_EXERCISE BRIEF_: The expected output is each line in the data below that includes the string "dict".

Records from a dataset
* * * * * * *
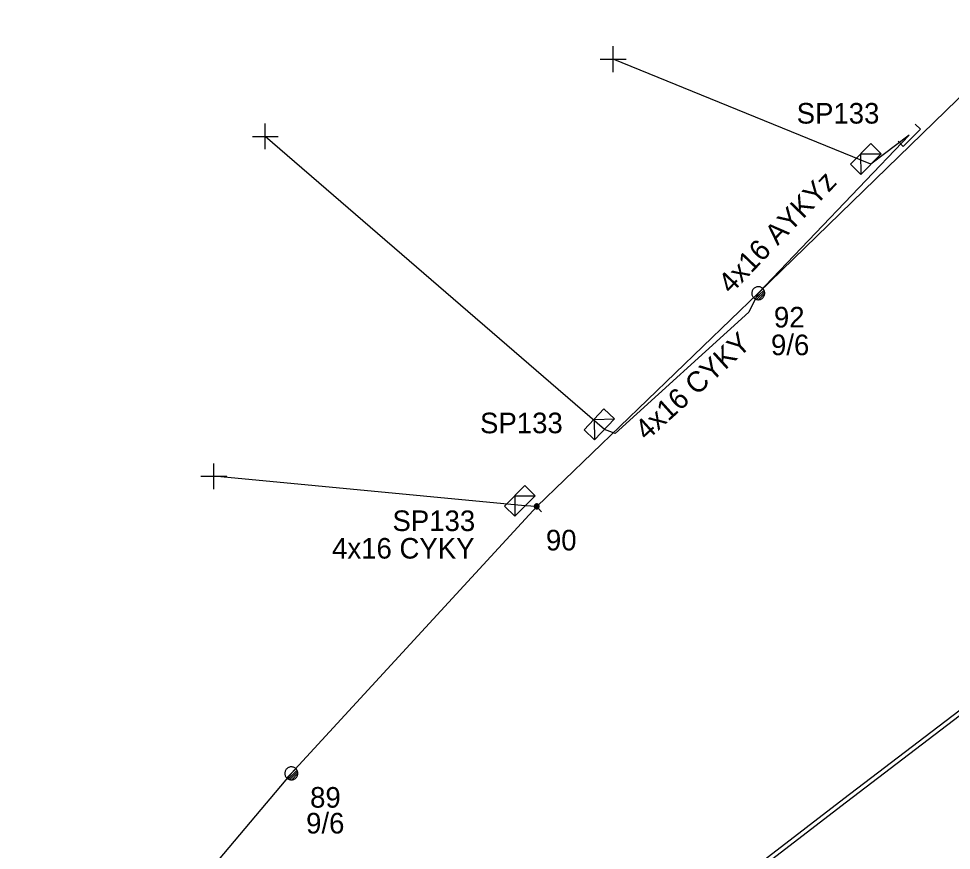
# Model space of a CAD drawing. Extents: x -748492 to -735633, y -1146251 to -1139940.
# Drawn here: x -742254.66 to -742209.4, y -1141162.91 to -1141122.53 of the extents above; entities that cross this region are included whole.
import ezdxf

# ---------------------------------------------------------------- set-up
doc = ezdxf.new("R2010")
doc.units = 0
for name, color, linetype in [('Vrstva 1', 7, 'Continuous'), ('Vrstva 12', 7, 'Continuous'), ('Vrstva 13', 7, 'Continuous'), ('Vrstva 14', 7, 'Continuous'), ('Vrstva 2', 7, 'Continuous'), ('Vrstva 31', 7, 'Continuous'), ('Vrstva 33', 7, 'Continuous'), ('Vrstva 34', 7, 'Continuous'), ('Vrstva 5', 7, 'Continuous'), ('Vrstva 52', 7, 'Continuous'), ('Vrstva 54', 7, 'Continuous'), ('Vrstva 55', 7, 'Continuous'), ('Vrstva 59', 7, 'Continuous'), ('Vrstva 9', 7, 'Continuous')]:
    doc.layers.add(name, color=color, linetype=linetype)

# ---------------------------------------------------------------- blocks, each defined once
blk = doc.blocks.new('NN440')
at = {"layer": 'Vrstva 2'}
for points in [[(0.631, -0.004), (0.627, 0.062), (0.617, 0.127), (0.6, 0.191), (0.577, 0.252), (0.547, 0.311), (0.511, 0.366), (0.469, 0.417), (0.423, 0.464), (0.371, 0.505), (0.316, 0.542), (0.257, 0.571), (0.196, 0.595), (0.132, 0.612), (0.067, 0.622), (0.001, 0.626), (-0.065, 0.622), (-0.13, 0.612), (-0.194, 0.595), (-0.255, 0.571), (-0.314, 0.542), (-0.369, 0.505), (-0.42, 0.464), (-0.467, 0.417), (-0.509, 0.366), (-0.544, 0.311), (-0.574, 0.252), (-0.598, 0.191), (-0.615, 0.127), (-0.626, 0.062), (-0.629, -0.004), (-0.626, -0.07), (-0.615, -0.135), (-0.598, -0.199), (-0.574, -0.26), (-0.544, -0.319), (-0.509, -0.374), (-0.467, -0.426), (-0.42, -0.472), (-0.369, -0.514), (-0.314, -0.55), (-0.255, -0.58), (-0.194, -0.603), (-0.13, -0.62), (-0.065, -0.631), (0.001, -0.634), (0.067, -0.631), (0.132, -0.62), (0.196, -0.603), (0.257, -0.58), (0.316, -0.55), (0.371, -0.514), (0.423, -0.472), (0.469, -0.426), (0.511, -0.374), (0.547, -0.319), (0.577, -0.26), (0.6, -0.199), (0.617, -0.135), (0.627, -0.07), (0.631, -0.004)], [(-0.631, 0), (0.629, 0)], [(-0.601, -0.177), (0.57, -0.177)], [(-0.513, -0.325), (0.501, -0.325)], [(-0.375, -0.473), (0.353, -0.473)]]:
    blk.add_lwpolyline(points, dxfattribs=at)
blk = doc.blocks.new('NN800')
at = {"layer": 'Vrstva 1'}
for points in [[(-0.442, 0.442), (0.442, -0.442)], [(-0.442, -0.442), (0.442, 0.442)]]:
    blk.add_lwpolyline(points, dxfattribs=at)
blk = doc.blocks.new('NN630')
at = {"layer": 'Vrstva 9'}
for points in [[(-0.003, -0.7), (-0.703, 0)], [(-0.703, -0.7), (-0.703, 0), (0.697, 0), (0.697, -0.7)], [(-0.003, -0.7), (0.697, 0)], [(-0.703, -0.7), (0.697, -0.7)]]:
    blk.add_lwpolyline(points, dxfattribs=at)
blk = doc.blocks.new('NN500')
at = {"layer": 'Vrstva 2'}
for points in [[(-0.001, -0.235), (0.023, -0.234), (0.048, -0.23), (0.071, -0.224), (0.094, -0.215), (0.116, -0.204), (0.137, -0.191), (0.156, -0.175), (0.173, -0.158), (0.189, -0.139), (0.202, -0.118), (0.213, -0.096), (0.222, -0.073), (0.229, -0.049), (0.232, -0.025), (0.234, 0), (0.232, 0.024), (0.229, 0.048), (0.222, 0.072), (0.213, 0.095), (0.202, 0.117), (0.189, 0.138), (0.173, 0.157), (0.156, 0.174), (0.137, 0.19), (0.116, 0.203), (0.094, 0.214), (0.071, 0.223), (0.048, 0.229), (0.023, 0.233), (-0.001, 0.235), (-0.026, 0.233), (-0.05, 0.229), (-0.074, 0.223), (-0.097, 0.214), (-0.119, 0.203), (-0.139, 0.19), (-0.158, 0.174), (-0.176, 0.157), (-0.191, 0.138), (-0.205, 0.117), (-0.216, 0.095), (-0.225, 0.072), (-0.231, 0.048), (-0.235, 0.024), (-0.236, 0), (-0.235, -0.025), (-0.231, -0.049), (-0.225, -0.073), (-0.216, -0.096), (-0.205, -0.118), (-0.191, -0.139), (-0.176, -0.158), (-0.158, -0.175), (-0.139, -0.191), (-0.119, -0.204), (-0.097, -0.215), (-0.074, -0.224), (-0.05, -0.23), (-0.026, -0.234), (-0.001, -0.235)], [(-0.001, -0.235), (0.023, -0.234), (0.048, -0.23), (0.071, -0.224), (0.094, -0.215), (0.116, -0.204), (0.137, -0.191), (0.156, -0.175), (0.173, -0.158), (0.189, -0.139), (0.202, -0.118), (0.213, -0.096), (0.222, -0.073), (0.229, -0.049), (0.232, -0.025), (0.234, 0), (0.232, 0.024), (0.229, 0.048), (0.222, 0.072), (0.213, 0.095), (0.202, 0.117), (0.189, 0.138), (0.173, 0.157), (0.156, 0.174), (0.137, 0.19), (0.116, 0.203), (0.094, 0.214), (0.071, 0.223), (0.048, 0.229), (0.023, 0.233), (-0.001, 0.235), (-0.026, 0.233), (-0.05, 0.229), (-0.074, 0.223), (-0.097, 0.214), (-0.119, 0.203), (-0.139, 0.19), (-0.158, 0.174), (-0.176, 0.157), (-0.191, 0.138), (-0.205, 0.117), (-0.216, 0.095), (-0.225, 0.072), (-0.231, 0.048), (-0.235, 0.024), (-0.236, 0), (-0.235, -0.025), (-0.231, -0.049), (-0.225, -0.073), (-0.216, -0.096), (-0.205, -0.118), (-0.191, -0.139), (-0.176, -0.158), (-0.158, -0.175), (-0.139, -0.191), (-0.119, -0.204), (-0.097, -0.215), (-0.074, -0.224), (-0.05, -0.23), (-0.026, -0.234), (-0.001, -0.235)], [(-0.001, -0.206), (0.02, -0.205), (0.041, -0.201), (0.062, -0.196), (0.082, -0.188), (0.101, -0.178), (0.12, -0.167), (0.136, -0.153), (0.151, -0.138), (0.165, -0.121), (0.177, -0.103), (0.186, -0.084), (0.194, -0.064), (0.2, -0.043), (0.203, -0.022), (0.204, 0), (0.203, 0.021), (0.2, 0.042), (0.194, 0.063), (0.186, 0.083), (0.177, 0.102), (0.165, 0.12), (0.151, 0.137), (0.136, 0.152), (0.12, 0.166), (0.101, 0.177), (0.082, 0.187), (0.062, 0.195), (0.041, 0.2), (0.02, 0.204), (-0.001, 0.205), (-0.023, 0.204), (-0.044, 0.2), (-0.065, 0.195), (-0.085, 0.187), (-0.104, 0.177), (-0.122, 0.166), (-0.139, 0.152), (-0.154, 0.137), (-0.167, 0.12), (-0.179, 0.102), (-0.189, 0.083), (-0.197, 0.063), (-0.202, 0.042), (-0.205, 0.021), (-0.207, 0), (-0.205, -0.022), (-0.202, -0.043), (-0.197, -0.064), (-0.189, -0.084), (-0.179, -0.103), (-0.167, -0.121), (-0.154, -0.138), (-0.139, -0.153), (-0.122, -0.167), (-0.104, -0.178), (-0.085, -0.188), (-0.065, -0.196), (-0.044, -0.201), (-0.023, -0.205), (-0.001, -0.206)], [(-0.001, -0.176), (0.017, -0.175), (0.035, -0.172), (0.053, -0.168), (0.07, -0.161), (0.087, -0.153), (0.102, -0.143), (0.116, -0.131), (0.129, -0.118), (0.141, -0.104), (0.151, -0.088), (0.159, -0.072), (0.166, -0.055), (0.171, -0.037), (0.174, -0.019), (0.175, 0), (0.174, 0.018), (0.171, 0.036), (0.166, 0.054), (0.159, 0.071), (0.151, 0.087), (0.141, 0.103), (0.129, 0.117), (0.116, 0.13), (0.102, 0.142), (0.087, 0.152), (0.07, 0.16), (0.053, 0.167), (0.035, 0.172), (0.017, 0.174), (-0.001, 0.175), (-0.02, 0.174), (-0.038, 0.172), (-0.056, 0.167), (-0.073, 0.16), (-0.089, 0.152), (-0.105, 0.142), (-0.119, 0.13), (-0.132, 0.117), (-0.143, 0.103), (-0.153, 0.087), (-0.162, 0.071), (-0.168, 0.054), (-0.173, 0.036), (-0.176, 0.018), (-0.177, 0), (-0.176, -0.019), (-0.173, -0.037), (-0.168, -0.055), (-0.162, -0.072), (-0.153, -0.088), (-0.143, -0.104), (-0.132, -0.118), (-0.119, -0.131), (-0.105, -0.143), (-0.089, -0.153), (-0.073, -0.161), (-0.056, -0.168), (-0.038, -0.172), (-0.02, -0.175), (-0.001, -0.176)], [(-0.001, -0.147), (0.014, -0.146), (0.029, -0.143), (0.044, -0.139), (0.058, -0.134), (0.072, -0.127), (0.085, -0.119), (0.097, -0.109), (0.107, -0.098), (0.117, -0.086), (0.125, -0.073), (0.132, -0.06), (0.138, -0.046), (0.142, -0.031), (0.144, -0.016), (0.145, 0), (0.144, 0.015), (0.142, 0.03), (0.138, 0.045), (0.132, 0.059), (0.125, 0.073), (0.117, 0.086), (0.107, 0.097), (0.097, 0.108), (0.085, 0.118), (0.072, 0.126), (0.058, 0.133), (0.044, 0.139), (0.029, 0.143), (0.014, 0.145), (-0.001, 0.146), (-0.017, 0.145), (-0.032, 0.143), (-0.046, 0.139), (-0.061, 0.133), (-0.074, 0.126), (-0.087, 0.118), (-0.099, 0.108), (-0.11, 0.097), (-0.119, 0.086), (-0.128, 0.073), (-0.135, 0.059), (-0.14, 0.045), (-0.144, 0.03), (-0.147, 0.015), (-0.147, 0), (-0.147, -0.016), (-0.144, -0.031), (-0.14, -0.046), (-0.135, -0.06), (-0.128, -0.073), (-0.119, -0.086), (-0.11, -0.098), (-0.099, -0.109), (-0.087, -0.119), (-0.074, -0.127), (-0.061, -0.134), (-0.046, -0.139), (-0.032, -0.143), (-0.017, -0.146), (-0.001, -0.147)], [(-0.001, -0.117), (0.011, -0.116), (0.023, -0.114), (0.035, -0.111), (0.046, -0.107), (0.057, -0.101), (0.067, -0.095), (0.077, -0.087), (0.085, -0.078), (0.093, -0.069), (0.1, -0.059), (0.105, -0.048), (0.11, -0.036), (0.113, -0.025), (0.115, -0.013), (0.115, 0), (0.115, 0.012), (0.113, 0.024), (0.11, 0.036), (0.105, 0.047), (0.1, 0.058), (0.093, 0.068), (0.085, 0.078), (0.077, 0.086), (0.067, 0.094), (0.057, 0.101), (0.046, 0.106), (0.035, 0.11), (0.023, 0.114), (0.011, 0.116), (-0.001, 0.116), (-0.013, 0.116), (-0.025, 0.114), (-0.037, 0.11), (-0.049, 0.106), (-0.059, 0.101), (-0.07, 0.094), (-0.079, 0.086), (-0.088, 0.078), (-0.096, 0.068), (-0.102, 0.058), (-0.108, 0.047), (-0.112, 0.036), (-0.115, 0.024), (-0.117, 0.012), (-0.118, 0), (-0.117, -0.013), (-0.115, -0.025), (-0.112, -0.036), (-0.108, -0.048), (-0.102, -0.059), (-0.096, -0.069), (-0.088, -0.078), (-0.079, -0.087), (-0.07, -0.095), (-0.059, -0.101), (-0.049, -0.107), (-0.037, -0.111), (-0.025, -0.114), (-0.013, -0.116), (-0.001, -0.117)], [(-0.001, -0.087), (0.008, -0.087), (0.017, -0.085), (0.026, -0.083), (0.034, -0.08), (0.042, -0.076), (0.05, -0.071), (0.057, -0.065), (0.063, -0.059), (0.069, -0.051), (0.074, -0.044), (0.078, -0.036), (0.081, -0.027), (0.084, -0.019), (0.085, -0.01), (0.086, 0), (0.085, 0.009), (0.084, 0.018), (0.081, 0.026), (0.078, 0.035), (0.074, 0.043), (0.069, 0.051), (0.063, 0.058), (0.057, 0.064), (0.05, 0.07), (0.042, 0.075), (0.034, 0.079), (0.026, 0.082), (0.017, 0.085), (0.008, 0.086), (-0.001, 0.087), (-0.01, 0.086), (-0.019, 0.085), (-0.028, 0.082), (-0.037, 0.079), (-0.045, 0.075), (-0.052, 0.07), (-0.059, 0.064), (-0.066, 0.058), (-0.072, 0.051), (-0.077, 0.043), (-0.081, 0.035), (-0.084, 0.026), (-0.086, 0.018), (-0.088, 0.009), (-0.088, 0), (-0.088, -0.01), (-0.086, -0.019), (-0.084, -0.027), (-0.081, -0.036), (-0.077, -0.044), (-0.072, -0.052), (-0.066, -0.059), (-0.059, -0.065), (-0.052, -0.071), (-0.045, -0.076), (-0.037, -0.08), (-0.028, -0.083), (-0.019, -0.085), (-0.01, -0.087), (-0.001, -0.087)], [(-0.001, -0.058), (0.005, -0.057), (0.011, -0.056), (0.016, -0.055), (0.022, -0.053), (0.027, -0.05), (0.032, -0.047), (0.037, -0.043), (0.041, -0.039), (0.045, -0.034), (0.048, -0.029), (0.051, -0.024), (0.053, -0.018), (0.055, -0.012), (0.056, -0.006), (0.056, 0), (0.056, 0.006), (0.055, 0.011), (0.053, 0.017), (0.051, 0.023), (0.048, 0.028), (0.045, 0.033), (0.041, 0.038), (0.037, 0.042), (0.032, 0.046), (0.027, 0.049), (0.022, 0.052), (0.016, 0.054), (0.011, 0.056), (0.005, 0.057), (-0.001, 0.057), (-0.007, 0.057), (-0.013, 0.056), (-0.019, 0.054), (-0.025, 0.052), (-0.03, 0.049), (-0.035, 0.046), (-0.04, 0.042), (-0.044, 0.038), (-0.048, 0.033), (-0.051, 0.028), (-0.054, 0.023), (-0.056, 0.017), (-0.057, 0.011), (-0.058, 0.006), (-0.059, 0), (-0.058, -0.006), (-0.057, -0.012), (-0.056, -0.018), (-0.054, -0.024), (-0.051, -0.029), (-0.048, -0.034), (-0.044, -0.039), (-0.04, -0.043), (-0.035, -0.047), (-0.03, -0.05), (-0.025, -0.053), (-0.019, -0.055), (-0.013, -0.056), (-0.007, -0.057), (-0.001, -0.058)], [(-0.001, -0.028), (0.002, -0.028), (0.005, -0.028), (0.007, -0.027), (0.01, -0.026), (0.013, -0.024), (0.015, -0.023), (0.017, -0.021), (0.019, -0.019), (0.021, -0.017), (0.023, -0.014), (0.024, -0.012), (0.025, -0.009), (0.026, -0.006), (0.026, -0.003), (0.027, 0), (0.026, 0.002), (0.026, 0.005), (0.025, 0.008), (0.024, 0.011), (0.023, 0.013), (0.021, 0.016), (0.019, 0.018), (0.017, 0.02), (0.015, 0.022), (0.013, 0.024), (0.01, 0.025), (0.007, 0.026), (0.005, 0.027), (0.002, 0.027), (-0.001, 0.027), (-0.004, 0.027), (-0.007, 0.027), (-0.01, 0.026), (-0.012, 0.025), (-0.015, 0.024), (-0.018, 0.022), (-0.02, 0.02), (-0.022, 0.018), (-0.024, 0.016), (-0.025, 0.013), (-0.027, 0.011), (-0.028, 0.008), (-0.028, 0.005), (-0.029, 0.002), (-0.029, 0), (-0.029, -0.003), (-0.028, -0.006), (-0.028, -0.009), (-0.027, -0.012), (-0.025, -0.014), (-0.024, -0.017), (-0.022, -0.019), (-0.02, -0.021), (-0.018, -0.023), (-0.015, -0.024), (-0.012, -0.026), (-0.01, -0.027), (-0.007, -0.028), (-0.004, -0.028), (-0.001, -0.028)], [(0.234, 0), (0.704, 0)]]:
    blk.add_lwpolyline(points, dxfattribs=at)
blk = doc.blocks.new('NN515')
at = {"layer": 'Vrstva 2'}
for points in [[(-0.59, 0.176), (0.591, 0.176)], [(-0.59, 0.176), (-0.59, -0.179)], [(0.591, 0.176), (0.591, -0.179)]]:
    blk.add_lwpolyline(points, dxfattribs=at)

msp = doc.modelspace()

# ---------------------------------------------------------------- linework, layer by layer
at = {"layer": 'Vrstva 1'}
msp.add_lwpolyline([(-742134.89, -1141032.84), (-742148.5, -1141063.89), (-742168.47, -1141086.19), (-742199.44, -1141117.05), (-742218.77, -1141135.86), (-742229.52, -1141146.21), (-742241.43, -1141159.17), (-742254.662, -1141174.889)], dxfattribs=at)
at = {"layer": 'Vrstva 5'}
for points in [[(-742235.763, -1141176.551), (-742234.298, -1141175.269), (-742227.291, -1141170.401), (-742214.489, -1141160.549), (-742201.36, -1141150.54), (-742190.92, -1141142.71), (-742179.875, -1141134.239), (-742165.992, -1141133.92), (-742150.784, -1141131.929), (-742137.144, -1141129.329), (-742129.869, -1141128.341), (-742126.457, -1141128.728), (-742117.009, -1141133.027), (-742105.982, -1141140.523), (-742101.438, -1141141.681), (-742082.991, -1141140.029), (-742072.635, -1141137.017), (-742065.368, -1141135.31), (-742057.936, -1141135.272)], [(-742235.464, -1141176.023), (-742234.422, -1141175.111), (-742227.409, -1141170.239), (-742214.611, -1141160.391), (-742201.48, -1141150.38), (-742191.04, -1141142.55), (-742179.945, -1141134.041), (-742166.008, -1141133.72), (-742150.816, -1141131.731), (-742137.176, -1141129.131), (-742129.871, -1141128.139), (-742126.403, -1141128.532), (-742116.911, -1141132.853), (-742105.898, -1141140.337), (-742101.422, -1141141.479), (-742083.029, -1141139.831), (-742072.685, -1141136.823), (-742065.392, -1141135.11), (-742057.627, -1141135.07), (-742057.209, -1141135.093)]]:
    msp.add_lwpolyline(points, dxfattribs=at)
at = {"layer": 'Vrstva 52'}
for points in [[(-742218.77, -1141135.86), (-742219.23, -1141136.78), (-742225.71, -1141142.67), (-742226.23, -1141142.47)], [(-742229.52, -1141146.21), (-742230.09, -1141146.19)]]:
    msp.add_lwpolyline(points, dxfattribs=at)
at = {"layer": 'Vrstva 54'}
msp.add_lwpolyline([(-742218.77, -1141135.86), (-742211.44, -1141128.19), (-742213.3, -1141129.59)], dxfattribs=at)
at = {"layer": 'Vrstva 59'}
for points in [[(-742213.3, -1141129.59), (-742225.81, -1141124.5)], [(-742226.23, -1141142.47), (-742242.69, -1141128.25)], [(-742230.09, -1141146.19), (-742245.19, -1141144.75)]]:
    msp.add_lwpolyline(points, dxfattribs=at)

# ---------------------------------------------------------------- block references
at = {"layer": 'Vrstva 13', "rotation": -135.10486370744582}
msp.add_blockref('NN515', (-742211.44, -1141128.19), dxfattribs=at)
at = {"layer": 'Vrstva 13'}
for name, p, xscale, yscale, rotation in [('NN440', (-742218.77, -1141135.86), 0.5, 0.5000000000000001, 43.731300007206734), ('NN500', (-742229.52, -1141146.21), 0.49999999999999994, 0.5000000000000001, -50.11040096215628), ('NN440', (-742241.43, -1141159.17), 0.5, 0.5, 45.34207512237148)]:
    msp.add_blockref(name, p, dxfattribs=dict(at, xscale=xscale, yscale=yscale, rotation=rotation))
at = {"layer": 'Vrstva 31'}
for p, rotation in [((-742213.3, -1141129.59), -134.21919832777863), ((-742226.23, -1141142.47), -133.2454417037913), ((-742230.09, -1141146.19), -134.65792497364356)]:
    msp.add_blockref('NN630', p, dxfattribs=dict(at, rotation=rotation))
at = {"layer": 'Vrstva 34'}
for p, rotation in [((-742225.81, -1141124.5), 45), ((-742242.69, -1141128.25), 44.99999995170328), ((-742245.19, -1141144.75), 44.99999995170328)]:
    msp.add_blockref('NN800', p, dxfattribs=dict(at, rotation=rotation))

# ---------------------------------------------------------------- texts
at = {"layer": 'Vrstva 12'}
for rotation, p in [(359.975, (-742218.149, -1141138.869)), (0.043, (-742240.711, -1141162.09))]:
    msp.add_text('9/6', height=1, rotation=rotation, dxfattribs=at).set_placement(p)
at = {"layer": 'Vrstva 14'}
for s, rotation, p in [('92', 359.971, (-742218.008, -1141137.524)), ('90', 359.952, (-742229.073, -1141148.347)), ('89', 359.957, (-742240.517, -1141160.835))]:
    msp.add_text(s, height=1, rotation=rotation, dxfattribs=at).set_placement(p)
at = {"layer": 'Vrstva 33'}
for rotation, p in [(0.008, (-742216.904, -1141127.626)), (0.045, (-742232.27, -1141142.661)), (359.963, (-742236.52, -1141147.406))]:
    msp.add_text('SP133', height=1, rotation=rotation, dxfattribs=at).set_placement(p)
at = {"layer": 'Vrstva 54'}
for rotation, p in [(42.138, (-742224.188, -1141143.055)), (0.011, (-742239.451, -1141148.744))]:
    msp.add_text('4x16 CYKY', height=1, rotation=rotation, dxfattribs=at).set_placement(p)
at = {"layer": 'Vrstva 55'}
msp.add_text('4x16 AYKYz', height=1, rotation=46.245, dxfattribs=at).set_placement((-742220.09, -1141135.939))

doc.saveas('drawing.dxf')
* * * * * * *
_EXPECTED ANSWER_:
    msp.add_blockref(name, p, dxfattribs=dict(at, xscale=xscale, yscale=yscale, rotation=rotation))
    msp.add_blockref('NN630', p, dxfattribs=dict(at, rotation=rotation))
    msp.add_blockref('NN800', p, dxfattribs=dict(at, rotation=rotation))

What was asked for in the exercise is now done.